Now, these future rulers of the metaverse are in the sights of EU lawmakers, who say that strong data protection and antitrust laws make a company more competitive.
Not everyone agrees.

making guidelines

Some investors, developers, and businesspeople in the metaverse are concerned that EU legislation stifles innovation.

Rajahalme, the founder of FOV Ventures, tells a story about a panel discussion about how AI is changing in the US and China. Representatives from the EU who were there said that their goal was to become the best at regulating AI.

“That’s like if when you started manufacturing cars, the Europeans said we want to be the best at making stop signs,” he jokes.

Illenberger’s company creates custom virtual reality (VR) experiences for businesses. He has seen what happens when rules are too strict.

One problem came up because VR headsets use cameras that look outward to see what’s around them. So, they can easily break EU rules about getting permission from anyone who could be accidentally filmed at work.

Because of these risks, big companies like Siemens have set up VR rooms that make it harder for people to break the rules. Still, some businesses find these facilities inconvenient and others can’t afford them.

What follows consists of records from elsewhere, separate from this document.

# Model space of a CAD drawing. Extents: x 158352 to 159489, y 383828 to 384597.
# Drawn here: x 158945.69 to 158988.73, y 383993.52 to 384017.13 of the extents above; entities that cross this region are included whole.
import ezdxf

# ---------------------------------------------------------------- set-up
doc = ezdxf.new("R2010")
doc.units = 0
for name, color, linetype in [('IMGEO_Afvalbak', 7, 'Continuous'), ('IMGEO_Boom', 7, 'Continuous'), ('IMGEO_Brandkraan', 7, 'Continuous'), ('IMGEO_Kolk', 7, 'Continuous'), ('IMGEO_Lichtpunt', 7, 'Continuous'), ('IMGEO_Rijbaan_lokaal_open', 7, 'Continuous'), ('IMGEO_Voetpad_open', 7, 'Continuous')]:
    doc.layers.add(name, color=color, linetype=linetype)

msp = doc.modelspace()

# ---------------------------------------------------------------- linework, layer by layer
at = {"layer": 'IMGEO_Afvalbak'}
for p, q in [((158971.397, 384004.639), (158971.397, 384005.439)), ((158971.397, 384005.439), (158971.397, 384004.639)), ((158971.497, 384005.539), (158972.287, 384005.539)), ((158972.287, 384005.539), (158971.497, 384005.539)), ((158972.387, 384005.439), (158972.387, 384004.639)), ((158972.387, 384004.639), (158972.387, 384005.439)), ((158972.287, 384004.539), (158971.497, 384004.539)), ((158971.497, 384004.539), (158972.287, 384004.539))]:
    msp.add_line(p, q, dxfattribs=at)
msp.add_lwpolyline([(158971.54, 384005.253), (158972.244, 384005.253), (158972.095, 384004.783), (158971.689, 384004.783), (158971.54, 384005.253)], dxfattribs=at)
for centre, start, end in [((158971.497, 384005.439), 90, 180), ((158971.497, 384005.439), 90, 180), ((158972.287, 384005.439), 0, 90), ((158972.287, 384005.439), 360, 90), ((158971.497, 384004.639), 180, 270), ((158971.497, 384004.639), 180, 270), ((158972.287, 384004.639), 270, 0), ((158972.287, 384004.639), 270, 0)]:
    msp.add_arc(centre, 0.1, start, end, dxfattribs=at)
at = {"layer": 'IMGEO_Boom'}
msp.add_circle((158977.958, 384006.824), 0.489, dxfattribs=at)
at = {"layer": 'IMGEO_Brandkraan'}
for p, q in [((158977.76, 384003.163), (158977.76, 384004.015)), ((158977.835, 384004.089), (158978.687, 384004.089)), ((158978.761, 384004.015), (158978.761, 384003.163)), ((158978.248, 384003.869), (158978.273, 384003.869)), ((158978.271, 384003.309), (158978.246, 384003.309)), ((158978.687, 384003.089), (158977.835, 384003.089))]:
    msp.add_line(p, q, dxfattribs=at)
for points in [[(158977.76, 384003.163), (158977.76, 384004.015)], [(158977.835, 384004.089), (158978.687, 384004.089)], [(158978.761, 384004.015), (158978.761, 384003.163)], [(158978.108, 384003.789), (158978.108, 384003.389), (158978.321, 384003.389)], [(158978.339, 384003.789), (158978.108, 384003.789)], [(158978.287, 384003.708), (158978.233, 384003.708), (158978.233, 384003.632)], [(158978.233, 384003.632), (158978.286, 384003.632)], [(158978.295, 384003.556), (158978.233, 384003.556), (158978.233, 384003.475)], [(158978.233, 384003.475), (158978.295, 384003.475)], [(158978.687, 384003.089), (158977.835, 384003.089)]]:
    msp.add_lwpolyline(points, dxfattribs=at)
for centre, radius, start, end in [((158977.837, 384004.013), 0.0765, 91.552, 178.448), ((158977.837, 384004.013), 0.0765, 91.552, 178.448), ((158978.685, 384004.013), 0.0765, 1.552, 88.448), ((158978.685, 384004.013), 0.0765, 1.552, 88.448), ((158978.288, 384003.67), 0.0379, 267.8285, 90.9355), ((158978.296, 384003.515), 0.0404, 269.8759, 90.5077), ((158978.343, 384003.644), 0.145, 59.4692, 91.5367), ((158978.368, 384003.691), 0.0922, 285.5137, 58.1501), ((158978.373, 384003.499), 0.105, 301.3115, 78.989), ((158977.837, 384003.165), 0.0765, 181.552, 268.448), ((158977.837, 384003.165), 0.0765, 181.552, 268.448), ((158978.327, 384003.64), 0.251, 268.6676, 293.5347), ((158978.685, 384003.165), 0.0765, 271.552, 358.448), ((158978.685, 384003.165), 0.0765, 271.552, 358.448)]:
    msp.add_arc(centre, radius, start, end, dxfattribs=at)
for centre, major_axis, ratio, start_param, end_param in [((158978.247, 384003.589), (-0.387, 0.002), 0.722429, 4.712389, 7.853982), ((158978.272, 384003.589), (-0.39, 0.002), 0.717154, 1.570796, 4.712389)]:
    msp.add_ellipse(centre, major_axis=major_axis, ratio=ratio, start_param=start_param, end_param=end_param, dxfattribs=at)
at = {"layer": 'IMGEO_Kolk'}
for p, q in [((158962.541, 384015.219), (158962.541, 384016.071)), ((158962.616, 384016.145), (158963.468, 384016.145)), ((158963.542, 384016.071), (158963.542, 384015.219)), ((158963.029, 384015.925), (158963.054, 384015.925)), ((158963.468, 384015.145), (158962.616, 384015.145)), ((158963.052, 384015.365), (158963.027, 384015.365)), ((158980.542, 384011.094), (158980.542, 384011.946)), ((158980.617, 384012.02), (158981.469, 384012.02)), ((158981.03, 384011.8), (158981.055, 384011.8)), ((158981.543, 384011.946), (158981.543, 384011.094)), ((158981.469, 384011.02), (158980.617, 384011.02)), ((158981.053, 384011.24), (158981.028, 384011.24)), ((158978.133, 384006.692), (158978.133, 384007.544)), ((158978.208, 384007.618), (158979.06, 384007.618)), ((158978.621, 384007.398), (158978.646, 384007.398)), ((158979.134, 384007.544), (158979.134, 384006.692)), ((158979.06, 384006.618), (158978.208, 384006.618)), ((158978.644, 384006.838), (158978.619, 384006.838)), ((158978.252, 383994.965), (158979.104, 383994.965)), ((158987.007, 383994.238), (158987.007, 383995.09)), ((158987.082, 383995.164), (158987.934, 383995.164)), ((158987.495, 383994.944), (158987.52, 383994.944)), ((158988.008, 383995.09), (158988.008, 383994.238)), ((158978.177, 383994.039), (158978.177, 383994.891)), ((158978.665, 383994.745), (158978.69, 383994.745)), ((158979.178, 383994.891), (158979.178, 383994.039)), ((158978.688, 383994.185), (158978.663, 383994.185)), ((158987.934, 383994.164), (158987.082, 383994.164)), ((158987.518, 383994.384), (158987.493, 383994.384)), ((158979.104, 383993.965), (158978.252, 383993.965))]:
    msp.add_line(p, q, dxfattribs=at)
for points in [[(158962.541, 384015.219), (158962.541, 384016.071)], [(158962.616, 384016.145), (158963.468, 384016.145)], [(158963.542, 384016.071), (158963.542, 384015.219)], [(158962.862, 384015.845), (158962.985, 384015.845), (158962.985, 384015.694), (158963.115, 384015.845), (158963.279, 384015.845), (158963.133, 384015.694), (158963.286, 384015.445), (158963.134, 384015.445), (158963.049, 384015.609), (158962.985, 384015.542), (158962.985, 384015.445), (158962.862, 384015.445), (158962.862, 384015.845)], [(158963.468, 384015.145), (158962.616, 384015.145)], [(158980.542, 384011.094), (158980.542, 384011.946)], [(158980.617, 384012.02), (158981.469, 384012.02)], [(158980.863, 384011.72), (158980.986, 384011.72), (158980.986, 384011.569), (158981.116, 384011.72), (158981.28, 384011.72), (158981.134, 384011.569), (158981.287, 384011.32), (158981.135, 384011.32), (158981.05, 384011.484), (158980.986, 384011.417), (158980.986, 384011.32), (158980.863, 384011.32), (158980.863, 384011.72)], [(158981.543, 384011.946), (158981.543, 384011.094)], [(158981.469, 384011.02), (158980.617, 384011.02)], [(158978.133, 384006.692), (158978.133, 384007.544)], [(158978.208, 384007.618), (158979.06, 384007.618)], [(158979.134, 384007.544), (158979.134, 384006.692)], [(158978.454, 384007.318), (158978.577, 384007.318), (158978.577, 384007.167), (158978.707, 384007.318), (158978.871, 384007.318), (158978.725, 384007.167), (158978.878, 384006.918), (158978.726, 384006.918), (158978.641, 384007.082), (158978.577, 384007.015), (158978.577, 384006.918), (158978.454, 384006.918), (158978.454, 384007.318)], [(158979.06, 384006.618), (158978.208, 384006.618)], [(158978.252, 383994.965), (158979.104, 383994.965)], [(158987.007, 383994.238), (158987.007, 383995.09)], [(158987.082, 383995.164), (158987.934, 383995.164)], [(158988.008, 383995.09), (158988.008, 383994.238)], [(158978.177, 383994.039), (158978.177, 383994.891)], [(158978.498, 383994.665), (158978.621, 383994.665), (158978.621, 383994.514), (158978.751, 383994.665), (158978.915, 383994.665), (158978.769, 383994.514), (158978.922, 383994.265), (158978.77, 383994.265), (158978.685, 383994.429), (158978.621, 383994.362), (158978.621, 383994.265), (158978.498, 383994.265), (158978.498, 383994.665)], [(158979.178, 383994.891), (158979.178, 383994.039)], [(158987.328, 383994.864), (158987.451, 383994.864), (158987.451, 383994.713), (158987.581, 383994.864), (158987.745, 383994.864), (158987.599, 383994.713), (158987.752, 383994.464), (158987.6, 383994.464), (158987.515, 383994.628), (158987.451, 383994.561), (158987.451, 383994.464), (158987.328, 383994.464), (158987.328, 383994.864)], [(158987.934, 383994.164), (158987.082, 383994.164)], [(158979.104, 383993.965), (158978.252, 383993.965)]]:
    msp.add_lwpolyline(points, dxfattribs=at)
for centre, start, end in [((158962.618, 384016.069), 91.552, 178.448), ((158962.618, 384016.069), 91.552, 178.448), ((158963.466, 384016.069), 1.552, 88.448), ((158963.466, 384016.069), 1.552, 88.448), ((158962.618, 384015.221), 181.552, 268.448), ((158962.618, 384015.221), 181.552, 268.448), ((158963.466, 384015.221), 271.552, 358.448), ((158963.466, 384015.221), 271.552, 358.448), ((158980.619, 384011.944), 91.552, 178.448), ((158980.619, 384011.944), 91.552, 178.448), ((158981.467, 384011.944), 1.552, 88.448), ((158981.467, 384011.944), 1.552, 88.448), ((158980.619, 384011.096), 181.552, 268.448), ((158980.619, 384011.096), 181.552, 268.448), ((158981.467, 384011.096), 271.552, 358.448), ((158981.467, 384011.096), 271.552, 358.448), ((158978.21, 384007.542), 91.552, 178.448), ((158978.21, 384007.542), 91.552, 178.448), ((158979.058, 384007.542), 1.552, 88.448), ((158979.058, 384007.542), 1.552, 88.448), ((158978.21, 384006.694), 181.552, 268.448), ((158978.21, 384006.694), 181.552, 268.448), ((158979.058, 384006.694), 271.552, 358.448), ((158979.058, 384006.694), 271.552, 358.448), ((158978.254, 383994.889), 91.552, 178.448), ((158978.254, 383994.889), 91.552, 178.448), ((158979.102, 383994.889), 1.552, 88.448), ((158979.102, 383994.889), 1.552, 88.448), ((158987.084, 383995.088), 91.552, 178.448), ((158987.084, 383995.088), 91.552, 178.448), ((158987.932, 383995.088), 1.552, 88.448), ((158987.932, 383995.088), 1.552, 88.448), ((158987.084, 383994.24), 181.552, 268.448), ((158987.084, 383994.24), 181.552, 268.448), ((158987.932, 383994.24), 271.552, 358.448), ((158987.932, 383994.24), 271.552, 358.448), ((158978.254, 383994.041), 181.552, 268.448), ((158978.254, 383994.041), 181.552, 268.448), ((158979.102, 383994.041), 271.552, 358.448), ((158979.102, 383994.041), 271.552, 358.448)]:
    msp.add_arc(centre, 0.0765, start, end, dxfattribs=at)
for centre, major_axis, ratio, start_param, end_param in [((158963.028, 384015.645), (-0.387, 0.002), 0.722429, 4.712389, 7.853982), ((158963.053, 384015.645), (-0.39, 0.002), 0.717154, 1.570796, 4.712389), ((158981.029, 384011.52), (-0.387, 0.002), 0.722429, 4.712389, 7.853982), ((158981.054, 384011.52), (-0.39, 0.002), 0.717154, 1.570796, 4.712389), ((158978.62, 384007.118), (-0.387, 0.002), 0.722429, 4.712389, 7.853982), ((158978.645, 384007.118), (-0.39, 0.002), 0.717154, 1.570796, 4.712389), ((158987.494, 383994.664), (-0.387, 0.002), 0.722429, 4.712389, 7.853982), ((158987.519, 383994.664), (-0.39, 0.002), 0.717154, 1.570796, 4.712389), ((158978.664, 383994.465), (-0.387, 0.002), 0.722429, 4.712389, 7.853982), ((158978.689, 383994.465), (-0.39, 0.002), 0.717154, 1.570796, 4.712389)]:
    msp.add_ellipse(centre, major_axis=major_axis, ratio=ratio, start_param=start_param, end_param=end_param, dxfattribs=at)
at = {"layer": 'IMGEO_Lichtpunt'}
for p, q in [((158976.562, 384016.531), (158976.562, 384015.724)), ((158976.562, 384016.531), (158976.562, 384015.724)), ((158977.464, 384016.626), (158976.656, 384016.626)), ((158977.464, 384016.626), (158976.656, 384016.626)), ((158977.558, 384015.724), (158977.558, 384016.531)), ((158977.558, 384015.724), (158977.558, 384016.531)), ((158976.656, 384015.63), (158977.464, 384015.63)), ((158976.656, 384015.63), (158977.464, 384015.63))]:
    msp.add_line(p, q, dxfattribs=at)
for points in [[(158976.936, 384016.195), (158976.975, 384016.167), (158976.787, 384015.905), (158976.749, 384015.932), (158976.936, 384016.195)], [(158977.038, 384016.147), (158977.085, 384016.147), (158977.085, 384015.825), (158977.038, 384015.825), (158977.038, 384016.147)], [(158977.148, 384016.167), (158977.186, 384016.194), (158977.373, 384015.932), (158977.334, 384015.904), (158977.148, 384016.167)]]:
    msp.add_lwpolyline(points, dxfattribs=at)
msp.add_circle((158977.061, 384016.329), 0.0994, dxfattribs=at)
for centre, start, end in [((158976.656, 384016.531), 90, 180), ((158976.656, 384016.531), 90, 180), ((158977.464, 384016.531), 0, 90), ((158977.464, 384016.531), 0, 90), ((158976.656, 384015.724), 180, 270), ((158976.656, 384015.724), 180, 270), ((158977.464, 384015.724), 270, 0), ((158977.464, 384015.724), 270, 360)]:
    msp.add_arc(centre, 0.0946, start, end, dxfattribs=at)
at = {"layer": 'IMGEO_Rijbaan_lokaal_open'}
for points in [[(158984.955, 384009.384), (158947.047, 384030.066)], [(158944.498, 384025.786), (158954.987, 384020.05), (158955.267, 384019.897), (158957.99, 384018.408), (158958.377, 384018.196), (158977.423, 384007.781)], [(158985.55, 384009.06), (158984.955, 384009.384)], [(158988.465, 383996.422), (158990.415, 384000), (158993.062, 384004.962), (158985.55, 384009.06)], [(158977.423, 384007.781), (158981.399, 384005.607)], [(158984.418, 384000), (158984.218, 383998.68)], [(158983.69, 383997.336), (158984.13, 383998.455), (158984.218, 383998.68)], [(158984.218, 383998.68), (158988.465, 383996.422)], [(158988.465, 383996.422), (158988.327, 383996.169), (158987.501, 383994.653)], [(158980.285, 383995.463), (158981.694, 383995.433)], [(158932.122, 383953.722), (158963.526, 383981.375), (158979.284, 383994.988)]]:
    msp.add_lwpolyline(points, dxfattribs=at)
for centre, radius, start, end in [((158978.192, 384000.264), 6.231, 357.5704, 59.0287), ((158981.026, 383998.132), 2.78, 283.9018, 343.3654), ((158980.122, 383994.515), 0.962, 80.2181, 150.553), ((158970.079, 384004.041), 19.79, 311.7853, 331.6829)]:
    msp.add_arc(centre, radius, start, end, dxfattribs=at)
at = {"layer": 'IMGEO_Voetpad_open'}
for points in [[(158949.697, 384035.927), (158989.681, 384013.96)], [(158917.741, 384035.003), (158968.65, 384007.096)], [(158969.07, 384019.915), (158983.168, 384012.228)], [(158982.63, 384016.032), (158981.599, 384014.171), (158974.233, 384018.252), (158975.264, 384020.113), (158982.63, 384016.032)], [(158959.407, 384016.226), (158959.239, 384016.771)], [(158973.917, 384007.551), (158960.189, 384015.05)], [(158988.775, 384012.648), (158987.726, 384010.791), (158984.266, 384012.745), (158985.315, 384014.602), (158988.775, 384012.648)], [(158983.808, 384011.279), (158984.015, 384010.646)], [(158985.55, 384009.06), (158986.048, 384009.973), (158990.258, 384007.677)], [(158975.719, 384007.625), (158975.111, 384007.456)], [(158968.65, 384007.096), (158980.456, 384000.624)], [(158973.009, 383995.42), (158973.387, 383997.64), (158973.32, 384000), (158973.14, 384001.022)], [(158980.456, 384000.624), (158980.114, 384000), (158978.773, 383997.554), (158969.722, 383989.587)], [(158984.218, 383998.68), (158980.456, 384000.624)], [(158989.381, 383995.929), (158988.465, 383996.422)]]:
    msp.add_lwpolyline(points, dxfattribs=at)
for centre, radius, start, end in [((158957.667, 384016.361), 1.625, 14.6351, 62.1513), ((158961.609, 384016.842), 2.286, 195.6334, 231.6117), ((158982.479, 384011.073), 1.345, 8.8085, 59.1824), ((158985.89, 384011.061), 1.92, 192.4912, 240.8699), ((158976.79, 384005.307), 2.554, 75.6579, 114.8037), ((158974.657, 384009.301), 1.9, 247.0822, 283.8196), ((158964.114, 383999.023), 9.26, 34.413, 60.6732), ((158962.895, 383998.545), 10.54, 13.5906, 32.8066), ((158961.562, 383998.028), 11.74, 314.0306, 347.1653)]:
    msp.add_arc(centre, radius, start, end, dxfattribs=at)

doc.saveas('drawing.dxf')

“It’s a nightmare to even use metaverse technologies in compliance with European data privacy laws,” he says. “You have to film your environment in order for the device to work.”

The reality of a European metaverse

Even though European companies can play important roles in the metaverse, Macron’s hope that they can compete with the biggest tech companies in the world is unrealistic.

Instead of fighting the companies that are already there, European companies might do better if they worked with them. For example, VRdirect has made a business out of helping people with headsets made by Meta, Pico, and HTC.

Illenberger says that the fragmented market offers opportunities for this kind of interoperability.

He’s also sure that strict EU rules will help his business because companies will hire him instead of Silicon Valley companies that don’t care much about the rules.

“To some extent, this is a competitive advantage for us,” he says. “But in terms of Europe as a region versus the US and Asia, it’s a big roadblock.’